Oregon State University doctoral students and Adobe researchers have developed a new, cost-effective training technology for artificial intelligence systems that aims to reduce social bias.
Eric Slyman of OSU's College of Engineering and Adobe researchers call the new method FairDeDup (short for fair deduplication). Deduplication means removing redundant information from the data used to train AI systems, thereby reducing the high computational cost of training.
Researchers say data sets collected from the internet often contain biases that exist in society. When these biases are systematized into trained AI models, they can help perpetuate unfair ideas and behaviors.
Understanding how deduplication affects the prevalence of bias can help mitigate negative effects, such as when an AI system is asked to show pictures of CEOs, doctors, etc., even though the intended use case is to show diverse people, it may automatically show only pictures of white men.
“We named it FairDeDup as a pun on SemDeDup, an early, cost-effective method that we improved upon for fairness,” said Slyman. “Previous research has shown that removing this redundant data allows for accurate AI training with fewer resources, but we found that this process can also exacerbate the harmful social biases that AI often learns.”

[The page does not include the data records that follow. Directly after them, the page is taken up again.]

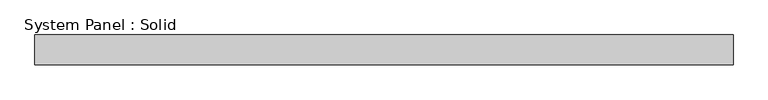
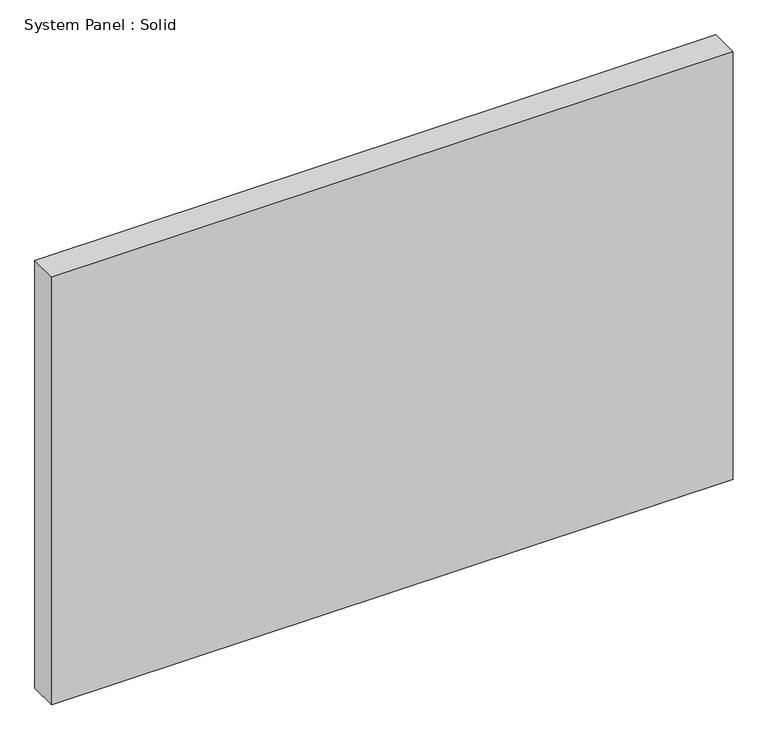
"""IFC4 building model written with IfcOpenShell, lengths in millimetres: plate geometry, System Panel : Solid."""

from ifc_helpers import new_model, si_unit, origin, origin_with_axes, place, context, project, spatial, polyline, outline, extrude, source, transform, mapped, element, save


def system_panel_solid_83e87f64(model_context):
    return source(origin(), model_context, "Body", "SweptSolid", [
        extrude(outline(polyline([(696.2366102, -49.5), (-696.2366102, -49.5), (-696.2366102, 10.5), (696.2366102, 10.5), (696.2366102, -49.5)])), origin_with_axes(), (0.0, 0.0, 1.0), 925.0),
    ])


if __name__ == "__main__":
    model = new_model("IFC4")
    model_context = context("Model", 3, world=origin())
    ifc_project = project(units=[si_unit("LENGTHUNIT", "METRE", prefix="MILLI")], contexts=[model_context])
    site = spatial("IfcSite", under=ifc_project)
    building = spatial("IfcBuilding", under=site)
    placement = place(None, origin())
    system_panel_solid_shape = system_panel_solid_83e87f64(model_context)
    element("IfcPlate", 1, ObjectType="System Panel : Solid", at=placement, inside=building, context=model_context, shape_type="MappedRepresentation", body=[
        mapped(system_panel_solid_shape, transform((0.0, 0.0, 0.0), x_axis=(1.0, 0.0, 0.0), y_axis=(0.0, 1.0, 0.0), z_axis=(0.0, 0.0, 1.0))),
    ])
    save(model, "model.ifc")

Slimane presented the FairDeDup algorithm at the IEEE/CVF Conference on Computer Vision and Pattern Recognition in Seattle last week.
FairDeDup works by thinning the dataset of image captions collected from the web through a process called pruning. Pruning means selecting a subset of data that is representative of the entire dataset, and when done in a content-aware manner, pruning allows for informed decisions about which parts of the data to keep and which to remove.
“FairDeDup removes redundant data while incorporating a controllable, human-defined dimension of diversity to mitigate bias,” Slyman said. “Our approach is not only cost-effective and accurate, but also enables fairer AI training.”
In addition to occupation, race, and gender, other biases perpetuated during training may include those related to age, geography, and culture.
“By addressing bias during dataset cleaning, we can create more socially just AI systems.” Sliman said. “Our work does not force AI to follow our notions of fairness, but rather creates pathways that guide AI to behave fairly when contextualized within some of the settings and user bases in which it is deployed. “It lets you define what is fair in your own setting instead of having other large datasets decide for you.”
Slimane's collaborators include Stephen Lee, an assistant professor in OSU's College of Engineering, and Scott Cohen and Kushal Kappel of Adobe.